(RECORDS SUPPLIED begins)
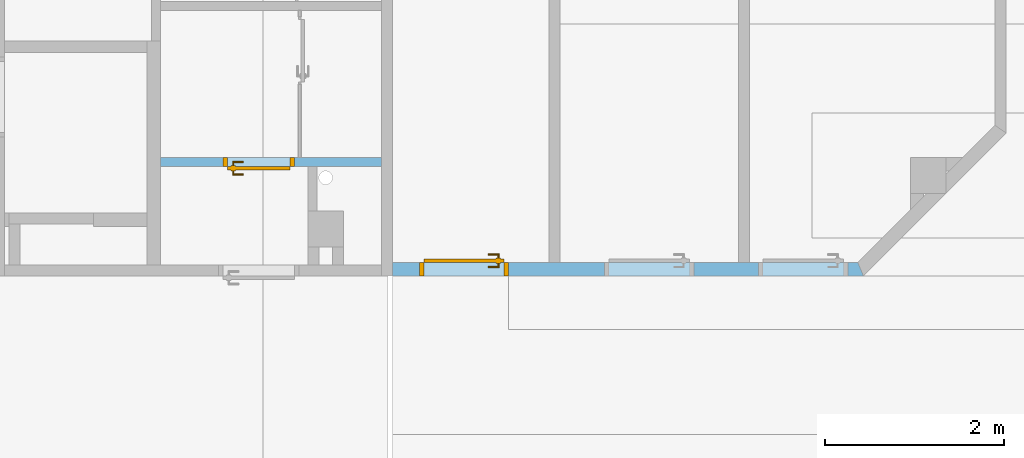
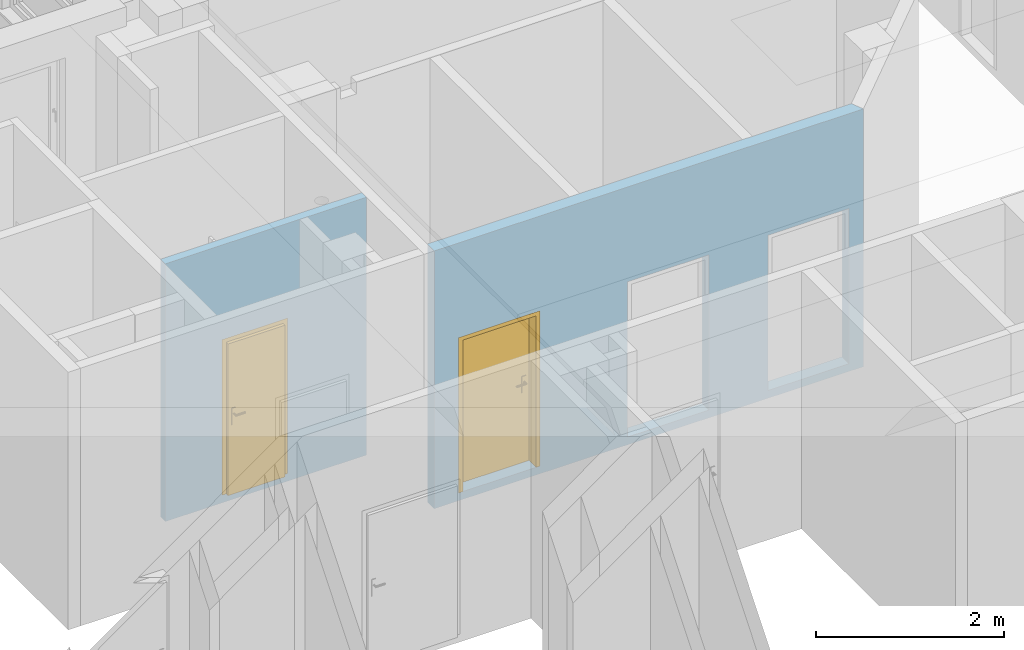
# One storey, part 80 of 140: 2 doors, 4 openings, plus 2 elements that do not belong to this part.
"""IFC4 building model written with IfcOpenShell, lengths in metres."""

from ifc_helpers import new_model, entity, si_unit, converted_unit, derived_unit, frame, frame_2d, origin, origin_with_axes, place, context, subcontext, project, spatial, polyline, rectangle, outline, extrude, closed_shell, open_shell, surface_model, source, transform, mapped, material, layer, layer_set, layer_usage, type_object, element, fill, save


model = new_model("IFC4")

# Units and contexts
model_context = context("Model", 3, precision=1e-05, world=origin())
body_context = subcontext(model_context, "Body", "Model", "MODEL_VIEW")
ifc_project = project(units=[si_unit("LENGTHUNIT", "METRE"), si_unit("AREAUNIT", "SQUARE_METRE"), si_unit("VOLUMEUNIT", "CUBIC_METRE"), si_unit("MASSUNIT", "GRAM", prefix="KILO"), converted_unit("PLANEANGLEUNIT", "DEGREE", entity("IfcPlaneAngleMeasure", 0.0174532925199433), si_unit("PLANEANGLEUNIT", "RADIAN"), dimensions=[0, 0, 0, 0, 0, 0, 0]), derived_unit("THERMALTRANSMITTANCEUNIT", [(si_unit("POWERUNIT", "WATT"), 1), (si_unit("THERMODYNAMICTEMPERATUREUNIT", "KELVIN"), -1), (si_unit("LENGTHUNIT", "METRE"), -2)]), derived_unit("VOLUMETRICFLOWRATEUNIT", [(si_unit("LENGTHUNIT", "METRE"), 3), (converted_unit("TIMEUNIT", "hour", entity("IfcTimeMeasure", 3600.0), si_unit("TIMEUNIT", "SECOND"), dimensions=[0, 0, 1, 0, 0, 0, 0]), -1), (si_unit("LENGTHUNIT", "METRE"), -1)])], contexts=[model_context])

# Site, building, storey
site_placement = place(None, origin())
site = spatial("IfcSite", under=ifc_project, at=site_placement, Name="3. ASŘ", CompositionType="ELEMENT")
building_placement = place(site_placement, origin())
building = spatial("IfcBuilding", under=site, at=building_placement, Name="Pavilon C", CompositionType="ELEMENT")
storey_placement = place(building_placement, origin())
storey = spatial("IfcBuildingStorey", under=building, at=storey_placement, Name="Půdorys 1.NP", CompositionType="ELEMENT", Elevation=0.0)

# Wall, opening, door
ifc_material_1 = material(Name="YTONG 100")
ifc_layer_1 = layer(ifc_material_1, 0.1)
ifc_layer_set_1 = layer_set([ifc_layer_1])
ifc_layer_usage_1 = layer_usage(ifc_layer_set_1, "AXIS2", "POSITIVE", 0.0)
wall_1_placement = place(storey_placement, frame((22.15, 10.9, -0.1)))
wall_1 = element("IfcWall", 1, at=wall_1_placement, inside=storey, material=ifc_layer_usage_1, Name="YTONG 100", context=body_context, shape_type="SweptSolid", body=[
    extrude(rectangle(XDim=2.47499999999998, YDim=0.1, at=frame_2d((1.23749999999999, 0.05), x_axis=(1.0, 0.0))), origin_with_axes(), (0.0, 0.0, 1.0), 3.35),
])
opening_1_placement = place(wall_1_placement, frame((0.699999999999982, 0.0, 0.1), z_axis=(0.0, 1.0, 0.0), x_axis=(0.0, 0.0, 1.0)))
opening_1 = element("IfcOpeningElement", 2, at=opening_1_placement, cuts=wall_1, Name="Dveřní otvor", ObjectType="Opening", context=body_context, shape_type="SweptSolid", body=[
    extrude(outline(polyline([(0.0, 0.8), (2.02, 0.8), (2.02, 0.0), (0.0, 0.0), (0.0, 0.8)])), origin_with_axes(), (0.0, 0.0, 1.0), 0.1),
])
door_type_1 = type_object("IfcDoorType", Name="D101", OperationType="NOTDEFINED", ParameterTakesPrecedence=False, PredefinedType="DOOR")
shared_shape_1 = source(origin_with_axes(), body_context, "Body", "SurfaceModel", [
    surface_model("IfcShellBasedSurfaceModel", [(0.0, 0.1, 2.02), (0.0, 0.1, -6.12323399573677e-18), (0.05, 0.1, -6.12323399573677e-18), (0.05, 0.1, 2.02), (0.0, 0.0, 6.12323399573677e-18), (0.0, 2.41584530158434e-16, 2.02), (0.05, 2.41584530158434e-16, 2.02), (0.05, 0.0, 6.12323399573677e-18)], [closed_shell([[[0, 1, 2, 3]], [[4, 5, 6, 7]], [[1, 0, 5, 4]], [[2, 1, 4, 7]], [[3, 2, 7, 6]], [[0, 3, 6, 5]]], orient=[[False], [False], [False], [False], [False], [False]])]),
    surface_model("IfcShellBasedSurfaceModel", [(0.75, 0.1, 2.02), (0.75, 0.1, -6.12323399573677e-18), (0.8, 0.1, -6.12323399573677e-18), (0.8, 0.1, 2.02), (0.75, 0.0, 6.12323399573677e-18), (0.75, 2.41584530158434e-16, 2.02), (0.8, 2.41584530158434e-16, 2.02), (0.8, 0.0, 6.12323399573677e-18)], [closed_shell([[[0, 1, 2, 3]], [[4, 5, 6, 7]], [[1, 0, 5, 4]], [[2, 1, 4, 7]], [[3, 2, 7, 6]], [[0, 3, 6, 5]]], orient=[[False], [False], [False], [False], [False], [False]])]),
    surface_model("IfcShellBasedSurfaceModel", [(0.05, 0.1, 2.02), (0.05, 0.1, 1.97), (0.75, 0.1, 1.97), (0.75, 0.1, 2.02), (0.05, 2.41584530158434e-16, 1.97), (0.05, 2.41584530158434e-16, 2.02), (0.75, 2.41584530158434e-16, 2.02), (0.75, 2.41584530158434e-16, 1.97)], [closed_shell([[[0, 1, 2, 3]], [[4, 5, 6, 7]], [[1, 0, 5, 4]], [[2, 1, 4, 7]], [[3, 2, 7, 6]], [[0, 3, 6, 5]]], orient=[[False], [False], [False], [False], [False], [False]])]),
    surface_model("IfcShellBasedSurfaceModel", [(0.05, 0.14, 1.97), (0.05, 0.14, -1.10218211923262e-17), (0.75, 0.14, -1.10218211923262e-17), (0.75, 0.14, 1.97), (0.05, 0.1, -6.12323399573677e-18), (0.05, 0.1, 1.97), (0.75, 0.1, 1.97), (0.75, 0.1, -6.12323399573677e-18)], [closed_shell([[[0, 1, 2, 3]], [[4, 5, 6, 7]], [[1, 0, 5, 4]], [[2, 1, 4, 7]], [[3, 2, 7, 6]], [[0, 3, 6, 5]]], orient=[[False], [False], [False], [False], [False], [False]])]),
    surface_model("IfcShellBasedSurfaceModel", [(0.66, 0.1, 1.125), (0.66, 0.1, 0.91), (0.71, 0.1, 0.91), (0.71, 0.1, 1.125), (0.66, 0.0900000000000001, 0.91), (0.66, 0.0900000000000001, 1.125), (0.71, 0.0900000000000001, 1.125), (0.71, 0.0900000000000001, 0.91)], [closed_shell([[[0, 1, 2, 3]], [[4, 5, 6, 7]], [[1, 0, 5, 4]], [[2, 1, 4, 7]], [[3, 2, 7, 6]], [[0, 3, 6, 5]]], orient=[[False], [False], [False], [False], [False], [False]])]),
    surface_model("IfcShellBasedSurfaceModel", [(0.685, 0.0900000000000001, 1.06), (0.68, 0.0900000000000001, 1.05866025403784), (0.676339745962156, 0.0900000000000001, 1.055), (0.675, 0.0900000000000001, 1.05), (0.676339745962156, 0.0900000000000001, 1.045), (0.68, 0.0900000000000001, 1.04133974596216), (0.685, 0.0900000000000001, 1.04), (0.69, 0.0900000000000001, 1.04133974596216), (0.693660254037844, 0.0900000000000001, 1.045), (0.695, 0.0900000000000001, 1.05), (0.693660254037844, 0.0900000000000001, 1.055), (0.69, 0.0900000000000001, 1.05866025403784), (0.69, 0.0450000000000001, 1.05866025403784), (0.685, 0.0500000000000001, 1.06), (0.693660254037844, 0.0413397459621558, 1.055), (0.695, 0.0400000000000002, 1.05), (0.693660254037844, 0.0413397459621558, 1.045), (0.69, 0.0450000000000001, 1.04133974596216), (0.685, 0.0500000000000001, 1.04), (0.68, 0.0550000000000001, 1.04133974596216), (0.676339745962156, 0.0586602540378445, 1.045), (0.675, 0.0600000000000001, 1.05), (0.676339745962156, 0.0586602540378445, 1.055), (0.68, 0.0550000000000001, 1.05866025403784), (0.57, 0.0450000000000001, 1.05866025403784), (0.57, 0.0500000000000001, 1.06), (0.57, 0.0413397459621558, 1.055), (0.57, 0.0400000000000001, 1.05), (0.57, 0.0413397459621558, 1.045), (0.57, 0.0450000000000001, 1.04133974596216), (0.57, 0.0500000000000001, 1.04), (0.57, 0.0550000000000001, 1.04133974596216), (0.57, 0.0586602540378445, 1.045), (0.57, 0.0600000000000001, 1.05), (0.57, 0.0586602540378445, 1.055), (0.57, 0.0550000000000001, 1.05866025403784)], [open_shell([[[0, 1, 2, 3, 4, 5, 6, 7, 8, 9, 10, 11]], [[0, 11, 12, 13]], [[11, 10, 14, 12]], [[10, 9, 15, 14]], [[9, 8, 16, 15]], [[8, 7, 17, 16]], [[7, 6, 18, 17]], [[6, 5, 19, 18]], [[5, 4, 20, 19]], [[4, 3, 21, 20]], [[3, 2, 22, 21]], [[2, 1, 23, 22]], [[1, 0, 13, 23]], [[13, 12, 24, 25]], [[12, 14, 26, 24]], [[14, 15, 27, 26]], [[15, 16, 28, 27]], [[16, 17, 29, 28]], [[17, 18, 30, 29]], [[18, 19, 31, 30]], [[19, 20, 32, 31]], [[20, 21, 33, 32]], [[21, 22, 34, 33]], [[22, 23, 35, 34]], [[23, 13, 25, 35]]], orient=[[False], [False], [False], [False], [False], [False], [False], [False], [False], [False], [False], [False], [False], [False], [False], [False], [False], [False], [False], [False], [False], [False], [False], [False], [False]])]),
    surface_model("IfcShellBasedSurfaceModel", [(0.66, 0.14, 1.125), (0.71, 0.14, 1.125), (0.71, 0.14, 0.91), (0.66, 0.14, 0.91), (0.66, 0.15, 0.91), (0.71, 0.15, 0.91), (0.71, 0.15, 1.125), (0.66, 0.15, 1.125)], [closed_shell([[[0, 1, 2, 3]], [[4, 5, 6, 7]], [[3, 4, 7, 0]], [[2, 5, 4, 3]], [[1, 6, 5, 2]], [[0, 7, 6, 1]]], orient=[[False], [False], [False], [False], [False], [False]])]),
    surface_model("IfcShellBasedSurfaceModel", [(0.685, 0.15, 1.06), (0.69, 0.15, 1.05866025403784), (0.693660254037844, 0.15, 1.055), (0.695, 0.15, 1.05), (0.693660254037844, 0.15, 1.045), (0.69, 0.15, 1.04133974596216), (0.685, 0.15, 1.04), (0.68, 0.15, 1.04133974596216), (0.676339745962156, 0.15, 1.045), (0.675, 0.15, 1.05), (0.676339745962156, 0.15, 1.055), (0.68, 0.15, 1.05866025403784), (0.685, 0.19, 1.06), (0.69, 0.195, 1.05866025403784), (0.693660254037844, 0.198660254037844, 1.055), (0.695, 0.2, 1.05), (0.693660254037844, 0.198660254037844, 1.045), (0.69, 0.195, 1.04133974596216), (0.685, 0.19, 1.04), (0.68, 0.185, 1.04133974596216), (0.676339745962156, 0.181339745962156, 1.045), (0.675, 0.18, 1.05), (0.676339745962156, 0.181339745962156, 1.055), (0.68, 0.185, 1.05866025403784), (0.57, 0.19, 1.06), (0.57, 0.195, 1.05866025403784), (0.57, 0.198660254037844, 1.055), (0.57, 0.2, 1.05), (0.57, 0.198660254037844, 1.045), (0.57, 0.195, 1.04133974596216), (0.57, 0.19, 1.04), (0.57, 0.185, 1.04133974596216), (0.57, 0.181339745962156, 1.045), (0.57, 0.18, 1.05), (0.57, 0.181339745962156, 1.055), (0.57, 0.185, 1.05866025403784)], [open_shell([[[0, 1, 2, 3, 4, 5, 6, 7, 8, 9, 10, 11]], [[0, 12, 13, 1]], [[1, 13, 14, 2]], [[2, 14, 15, 3]], [[3, 15, 16, 4]], [[4, 16, 17, 5]], [[5, 17, 18, 6]], [[6, 18, 19, 7]], [[7, 19, 20, 8]], [[8, 20, 21, 9]], [[9, 21, 22, 10]], [[10, 22, 23, 11]], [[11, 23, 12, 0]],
(RECORDS SUPPLIED ends)
Please reproduce the lines from the line with "# Wall, opening, door" to the line with "x_axis=(0.0, 0.0, 1.0)))", both ends included, exactly as they appear above.

# Wall, opening, door
ifc_material_1 = material(Name="YTONG 100")
ifc_layer_1 = layer(ifc_material_1, 0.1)
ifc_layer_set_1 = layer_set([ifc_layer_1])
ifc_layer_usage_1 = layer_usage(ifc_layer_set_1, "AXIS2", "POSITIVE", 0.0)
wall_1_placement = place(storey_placement, frame((22.15, 10.9, -0.1)))
wall_1 = element("IfcWall", 1, at=wall_1_placement, inside=storey, material=ifc_layer_usage_1, Name="YTONG 100", context=body_context, shape_type="SweptSolid", body=[
    extrude(rectangle(XDim=2.47499999999998, YDim=0.1, at=frame_2d((1.23749999999999, 0.05), x_axis=(1.0, 0.0))), origin_with_axes(), (0.0, 0.0, 1.0), 3.35),
])
opening_1_placement = place(wall_1_placement, frame((0.699999999999982, 0.0, 0.1), z_axis=(0.0, 1.0, 0.0), x_axis=(0.0, 0.0, 1.0)))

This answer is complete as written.